# lycos.de



## Nino (22. August 2002)

Hi.
Bei lycos.de kann ich kein Webspace registrieren.
Bei der Anmeldung kommt so ein Sicherheitscode als Bild den man eingeben muss (kennt Ihr bestimmt).
Wenn ich den eingebe und registrieren will, sagt der, dass der Sicherheitscode falsch ist. Ist er aber nicht!
Ist das bei euch auch so?
Woran kann das liegen?


----------



## Arne Buchwald (22. August 2002)

Da ist den Programmierern vermutlich ein Fehler bei den Sicherheitsroutinen passiert.
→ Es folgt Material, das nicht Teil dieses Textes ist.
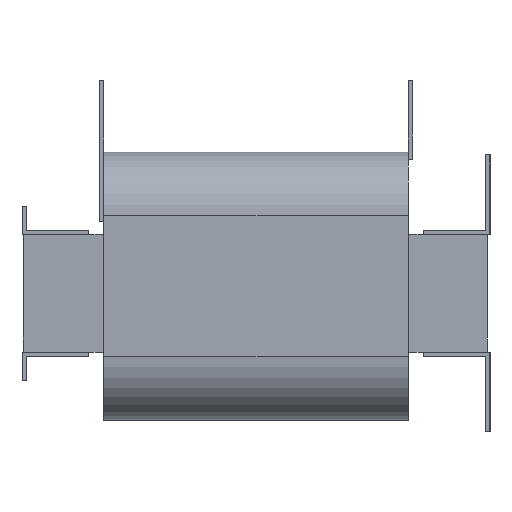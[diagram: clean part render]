
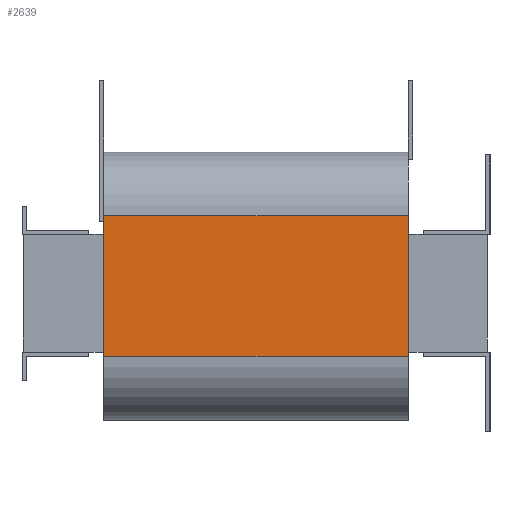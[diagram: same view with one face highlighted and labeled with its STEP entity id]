
A CAD part, left-side view. The second image highlights one B-rep face of the part: STEP entity #2639.
In plain terms, the highlighted planar face has unit normal (-1, 0, 0).
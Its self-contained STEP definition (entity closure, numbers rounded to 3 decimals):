
#114=PLANE('',#2843);
#243=FACE_OUTER_BOUND('',#393,.T.);
#393=EDGE_LOOP('',(#2263,#2264,#2265,#2266));
#670=LINE('',#4142,#996);
#689=LINE('',#4192,#1015);
#690=LINE('',#4195,#1016);
#691=LINE('',#4196,#1017);
#996=VECTOR('',#3383,10.);
#1015=VECTOR('',#3428,10.);
#1016=VECTOR('',#3431,10.);
#1017=VECTOR('',#3432,10.);
#1325=VERTEX_POINT('',#4139);
#1326=VERTEX_POINT('',#4141);
#1344=VERTEX_POINT('',#4190);
#1345=VERTEX_POINT('',#4194);
#1652=EDGE_CURVE('',#1325,#1326,#670,.T.);
#1678=EDGE_CURVE('',#1344,#1325,#689,.T.);
#1679=EDGE_CURVE('',#1344,#1345,#690,.T.);
#1680=EDGE_CURVE('',#1326,#1345,#691,.T.);
#2263=ORIENTED_EDGE('',*,*,#1678,.F.);
#2264=ORIENTED_EDGE('',*,*,#1679,.T.);
#2265=ORIENTED_EDGE('',*,*,#1680,.F.);
#2266=ORIENTED_EDGE('',*,*,#1652,.F.);
#2639=ADVANCED_FACE('',(#243),#114,.T.);
#2843=AXIS2_PLACEMENT_3D('',#4193,#3429,#3430);
#3383=DIRECTION('',(0.,0.,1.));
#3428=DIRECTION('',(0.,1.,0.));
#3429=DIRECTION('center_axis',(-1.,0.,0.));
#3430=DIRECTION('ref_axis',(0.,0.,1.));
#3431=DIRECTION('',(0.,0.,1.));
#3432=DIRECTION('',(0.,-1.,0.));
#4139=CARTESIAN_POINT('',(-243.,272.5,-44.5));
#4141=CARTESIAN_POINT('',(-243.,272.5,54.5));
#4142=CARTESIAN_POINT('',(-243.,272.5,-89.5));
#4190=CARTESIAN_POINT('',(-243.,57.5,-44.5));
#4192=CARTESIAN_POINT('',(-243.,57.5,-44.5));
#4193=CARTESIAN_POINT('Origin',(-243.,57.5,-89.5));
#4194=CARTESIAN_POINT('',(-243.,57.5,54.5));
#4195=CARTESIAN_POINT('',(-243.,57.5,-89.5));
#4196=CARTESIAN_POINT('',(-243.,57.5,54.5));

Probier's morgen oder übermorgen noch mal, dann sollte der bestimmt behoben sein.


----------



## |mo| (23. August 2002)

hi!

Falls Lycos immer noch nicht gehen sollte, guck doch einfach mal auf webhostlist.de. Da findest du garantiert ein angebot was deinen Wünschen entspricht! (z.B. unter den Preis-Top10)

Greetz |mo|


----------



## Arne Buchwald (23. August 2002)

Sofern du keinen kostenlosen Space willst, würde ich eher empfehlen, im WHL-Forum nachzufragen, da du dort viele (z.T. auch individuelle) Angebote bekommst.


----------